On August 26, 2020, certain wholly-owned subsidiaries (collectively, the “Borrowers”) of US Home Rentals, LLC, a wholly-owned subsidiary of the Company, entered into seven separate loan agreements as part of a tranche of financing with DLP Lending Fund, LLC (the “Lender”) (each a “Loan Agreement” and collectively, the Loan Agreements”), pursuant to which the Borrowers issued promissory notes in the aggregate principal amount of approximately $23,453,699 (the “DLP Tranche”).
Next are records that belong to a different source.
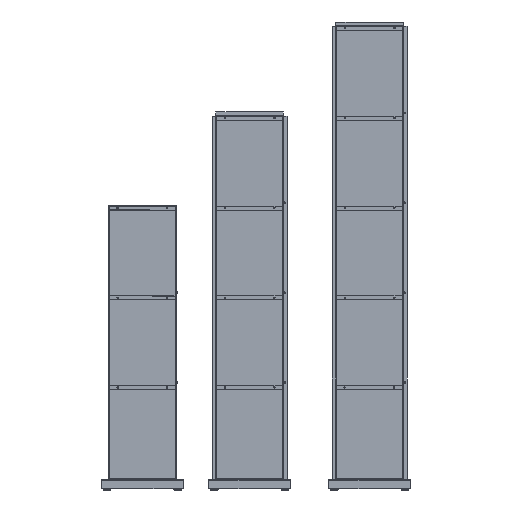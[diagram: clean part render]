
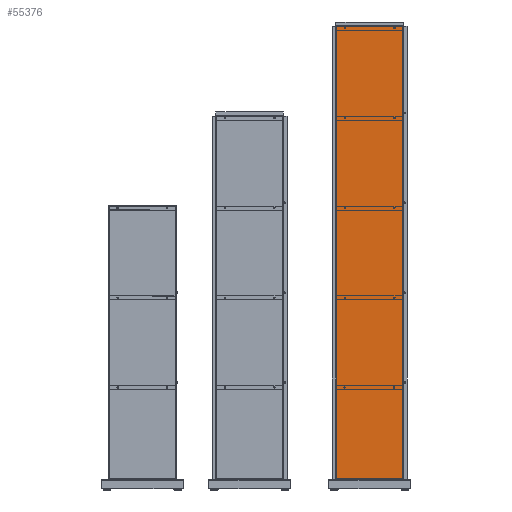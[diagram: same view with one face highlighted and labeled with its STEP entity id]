
A CAD part, front view. The second image highlights one B-rep face of the part: STEP entity #55376.
In plain terms, the highlighted planar face has unit normal (0, -1, 0).
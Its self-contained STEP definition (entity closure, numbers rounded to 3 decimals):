
#16962=B_SPLINE_CURVE_WITH_KNOTS('',1,(#302464,#302465),.UNSPECIFIED.,.F.,
 .F.,(2,2),(-295.,0.),.UNSPECIFIED.);
#16963=B_SPLINE_CURVE_WITH_KNOTS('',1,(#302466,#302467),.UNSPECIFIED.,.F.,
 .F.,(2,2),(-2015.,0.),.UNSPECIFIED.);
#16964=B_SPLINE_CURVE_WITH_KNOTS('',1,(#302468,#302469),.UNSPECIFIED.,.F.,
 .F.,(2,2),(-295.,0.),.UNSPECIFIED.);
#16965=B_SPLINE_CURVE_WITH_KNOTS('',1,(#302470,#302471),.UNSPECIFIED.,.F.,
 .F.,(2,2),(-2015.,0.),.UNSPECIFIED.);
#19121=PLANE('',#148472);
#55376=ADVANCED_FACE('',(#60926),#19121,.T.);
#60926=FACE_OUTER_BOUND('',#66908,.T.);
#66908=EDGE_LOOP('',(#87552,#87553,#87554,#87555));
#87552=ORIENTED_EDGE('',*,*,#105534,.F.);
#87553=ORIENTED_EDGE('',*,*,#105535,.F.);
#87554=ORIENTED_EDGE('',*,*,#105536,.F.);
#87555=ORIENTED_EDGE('',*,*,#105533,.F.);
#105533=EDGE_CURVE('',#120724,#120725,#16962,.T.);
#105534=EDGE_CURVE('',#120726,#120724,#16963,.T.);
#105535=EDGE_CURVE('',#120727,#120726,#16964,.T.);
#105536=EDGE_CURVE('',#120725,#120727,#16965,.T.);
#120724=VERTEX_POINT('',#302364);
#120725=VERTEX_POINT('',#302365);
#120726=VERTEX_POINT('',#302366);
#120727=VERTEX_POINT('',#302367);
#148472=AXIS2_PLACEMENT_3D('',#302045,#151921,$);
#151921=DIRECTION('',(0.,-1.,0.));
#302045=CARTESIAN_POINT('',(177.61,-1.5,1209.61));
#302364=CARTESIAN_POINT('',(147.5,-1.5,-1007.5));
#302365=CARTESIAN_POINT('',(-147.5,-1.5,-1007.5));
#302366=CARTESIAN_POINT('',(147.5,-1.5,1007.5));
#302367=CARTESIAN_POINT('',(-147.5,-1.5,1007.5));
#302464=CARTESIAN_POINT('',(147.5,-1.5,-1007.5));
#302465=CARTESIAN_POINT('',(-147.5,-1.5,-1007.5));
#302466=CARTESIAN_POINT('',(147.5,-1.5,1007.5));
#302467=CARTESIAN_POINT('',(147.5,-1.5,-1007.5));
#302468=CARTESIAN_POINT('',(-147.5,-1.5,1007.5));
#302469=CARTESIAN_POINT('',(147.5,-1.5,1007.5));
#302470=CARTESIAN_POINT('',(-147.5,-1.5,-1007.5));
#302471=CARTESIAN_POINT('',(-147.5,-1.5,1007.5));
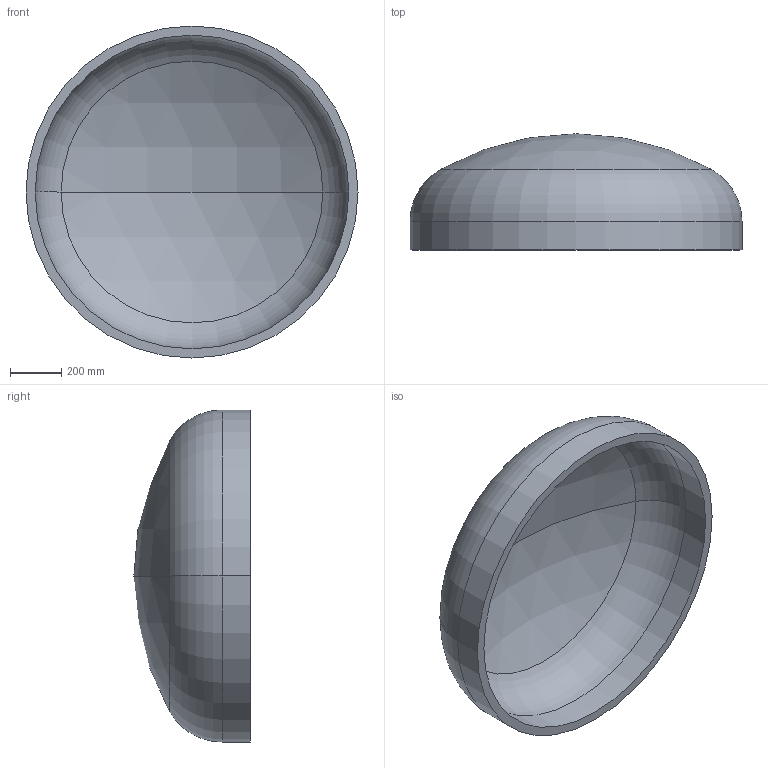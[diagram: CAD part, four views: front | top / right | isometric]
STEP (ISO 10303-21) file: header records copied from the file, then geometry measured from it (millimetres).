
FILE_DESCRIPTION (( 'STEP AP203' ), '1' );
FILE_NAME ('DIN 28013 Korbbogenform_-_Boden DIN 28013 - 1300 x 110 - I - s=36.step', '2016-07-01T09:49:58', ( '' ), ( '' ), 'SwSTEP 2.0', 'SolidWorks 2013', '' );
FILE_SCHEMA (( 'CONFIG_CONTROL_DESIGN' ));
Length unit declared in the file: millimetre
Products named in the file (1): DIN 28013 Korbbogenform_-_Boden DIN 28013 - 1300 x 110 - I - s=36
Bounding box: 1300 x 455.11 x 1300 mm (x, y, z)
Volume: 79536201.2 mm3; surface area: 4564346 mm2
Topology: 1 solids, 1 shells, 13 faces, 24 edges, 14 vertices
Faces by surface type: torus 4, cylinder 4, sphere 4, plane 1
Entity records: 407 total; most frequent: DIRECTION 72, CARTESIAN_POINT 52, ORIENTED_EDGE 48, AXIS2_PLACEMENT_3D 34, EDGE_CURVE 24, CIRCLE 20, EDGE_LOOP 14, VERTEX_POINT 14

Proceeds from the DLP Tranche were used to refinance certain of the Borrower’s properties, pay outstanding property taxes, and other costs and expenses incurred in connection with the Loan Agreements. The Company did not receive any proceeds from the financing. The Borrowers’ obligations to pay principal, interest and other amounts under the DLP Tranche are evidenced by certain promissory notes executed by the Borrowers as of August 26, 2020 (each a “Note” and collectively, the “Notes”). Each Note is secured by a first priority lien mortgage on certain of the Borrowers’ properties (the “Mortgaged Properties”) and confessions of judgment. Each Note will mature on August 31, 2021, subject to one-year extensions at Borrowers’ option and other conditions. The Borrowers may prepay the outstanding loan amount in whole or in part by written notice of such prepayment to Lender, subject to certain conditions. The Company also executed certain Environmental Indemnity Agreements and certain Guaranty Agreements in connection with each Loan Agreement in favor of the Lenders pursuant to which the Company and certain affiliated individuals agreed to indemnify the Lenders for certain environmental risks and guaranty the Borrowers’ obligations under the Loan Agreements.

Coronavirus Aid, Relief and Economic Security Act Loans

On May 8, 2020, JusCom, Inc. received a Paycheck Protection Program (“PPP”) loan pursuant to the Coronavirus Aid, Relief and Economic Security Act (the “CARES” Act) in the amount of $622. Additionally, on May 13, 2020, the Company received a PPP loan in the amount of $357. In accordance with the CARES Act, the Company will use the proceeds from the PPP loan primarily for payroll costs. The PPP loans are scheduled to mature on May 8, 2022 and May 13, 2022, respectively, and bear a fixed interest rate of 1%. The promissory note evidencing the PPP loans contains customary events of default relating to, among other things, payment defaults and provisions of the promissory note. The loans may be forgiven, in part or whole, if the proceeds are used to retain and pay employees and for other qualifying expenditures. The Company expects that the full proceeds of the PPP loans will be eligible for forgiveness.

On May 20, 2020, the Company received an Economic Injury Disaster Loan (“EIDL”) in the amount of $150. The EIDL loan is scheduled to mature on May 20, 2050 and bear a fixed interest rate of 3.75%. The EIDL loan is secured by the non-real estate assets of the Company. The promissory note evidencing the EIDL loan contains customary events of default relating to, among other things, payment defaults and provisions of the promissory note.

Stock Issuances 2020

The Company issued 4,193,684 shares of common stock as part of the Note Exchange with TTP8, see Item 13. Certain Relationship with Related Parties.

The Company issued 185,000 shares of common stock with market value of $278 to Convertible Note holder as debt commitment shares.

A former board member returned 25,000 shares of common stock on March 17, 2020.